Indian Prateek Gupta steals $600m from Trafigura in nickel shipment fraud

Prateek Gupta and his nickel fraud

Prateek Gupta and his nickel fraud

World commodity trader, Trafigura has accused Indian businessman Prateek Gupta of “systematic fraud” regarding nickel shipments, running into about $600 million, London court documents showed.

The wanted businessman Gupta lives in the sought-after Palm Jumeirah area of Dubai.

Trafigura said on Feb. 9 it had booked a $577 million charge for the first half of 2023 and was taking legal action after discovering some nickel cargoes it received did not contain the metal.

A London High Court judge agreed to impose a $625 million freezing order on assets controlled by Gupta and companies linked to him, which included a villa in Palm Jumeirah, the freezing order document said.

A spokesperson for Gupta has said he plans to challenge the freezing order. Gupta’s team were preparing “a robust response” to the allegations, the spokesperson has said.

The spokesperson for Gupta was not immediately available for comment regarding the Dubai villa.

Palm Jumeirah is a man-made island shaped like a palm and regarded as one of the most sought-after areas of Dubai.

“Trafigura does not know whether Mr Gupta is the beneficial owner of this property,” said an affidavit by Joseph O’Keeffe, a lawyer representing Trafigura.

“However, the fact that he is living there at all tends to indicate that he is an individual with access to considerable wealth.”

A villa on the island in July last year sold for 302.5 million dirhams ($82.36 mln), its developer Alpago Properties said in October without naming the buyer due to privacy reasons, setting a new record for the most expensive residential property ever sold in the emirate.
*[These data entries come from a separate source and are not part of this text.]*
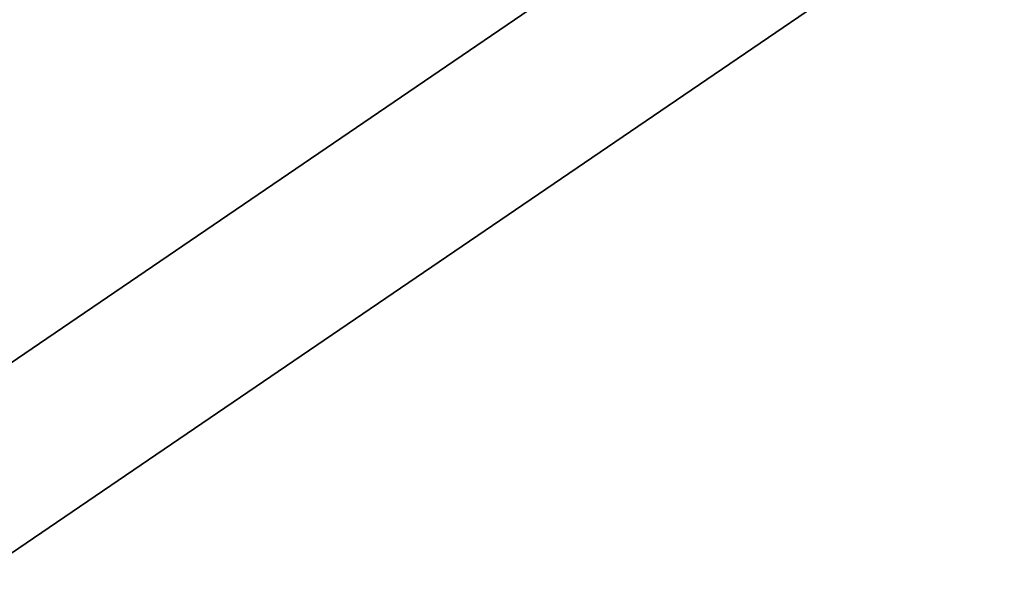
# Model space of a CAD drawing. Header units: millimetres. Extents: x -150 to 150, y -150 to 150.
# Tile 108 of 222: x -60.12 to -50.79, y 76.23 to 81.69. Entities that reach past the tile are written whole.
import ezdxf

# ---------------------------------------------------------------- set-up
doc = ezdxf.new("R2010")
doc.units = ezdxf.units.MM
doc.header["$LTSCALE"] = 25.4
doc.layers.get('0').update_dxf_attribs({"true_color": 0xff5454})

# ---------------------------------------------------------------- blocks, each defined once
blk = doc.blocks.new('CAMELEON-CANOPY-A-8566-8564-8565-8563.STL#2')
at = {"color": 0}
mesh = blk.add_polyface(dxfattribs=at)
corners = [(-70.2587, 78.0302, 23.6822), (-58.7153, 87.049, 17.1822), (-70.2587, 78.0302, 17.1822), (-58.7153, 87.049, 23.6822)]
mesh.append_faces([[corners[k] for k in face] for face in [(0, 1, 2), (1, 0, 3)]], dxfattribs={"vtx0": -1, "color": 0})
mesh = blk.add_polyface(dxfattribs=at)
corners = [(-55.9563, 87.0697, 19.1822), (-67.7781, 78.2201, 17.1822), (-55.9563, 87.0697, 17.1822), (-67.7781, 78.2201, 19.1822)]
mesh.append_faces([[corners[k] for k in face] for face in [(0, 1, 2), (1, 0, 3)]], dxfattribs={"vtx0": -1, "color": 0})
mesh = blk.add_polyface(dxfattribs=at)
corners = [(-55.9563, 87.0697, 23.6822), (-67.7781, 78.2201, 20.6822), (-55.9563, 87.0697, 20.6822), (-67.7781, 78.2201, 23.6822)]
mesh.append_faces([[corners[k] for k in face] for face in [(0, 1, 2), (1, 0, 3)]], dxfattribs={"vtx0": -1, "color": 0})
mesh = blk.add_polyface(dxfattribs=at)
corners = [(-61.7255, 77.4013, 11.3729), (-49.5, 85.7365, 4.3729), (-61.7255, 77.4013, 4.3729), (-49.5, 85.7365, 11.3729)]
mesh.append_faces([[corners[k] for k in face] for face in [(0, 1, 2), (1, 0, 3)]], dxfattribs={"vtx0": -1, "color": 0})
mesh = blk.add_polyface(dxfattribs=at)
corners = [(-48.75, 84.4375, 11.3729), (-60.7903, 76.2286, 4.3729), (-48.75, 84.4375, 4.3729), (-60.7903, 76.2286, 11.3729)]
mesh.append_faces([[corners[k] for k in face] for face in [(0, 1, 2), (1, 0, 3)]], dxfattribs={"vtx0": -1, "color": 0})

msp = doc.modelspace()

# ---------------------------------------------------------------- block references
at = {"color": 250, "true_color": 0x262626}
msp.add_blockref('CAMELEON-CANOPY-A-8566-8564-8565-8563.STL#2', (0, 0), dxfattribs=at)

doc.saveas('drawing.dxf')

After Trafigura began to suspect in October last year that around 25,000 tonnes of metal sold by Gupta’s firms may not be high-grade nickel, it inspected more than 1,000 shipping containers, a court document filed by Trafigura last month to gain the freezing order showed.

Geneva-based Trafigura ended up inspecting 156 out of 1,104 containers by the time it filed court papers, none of which contained nickel.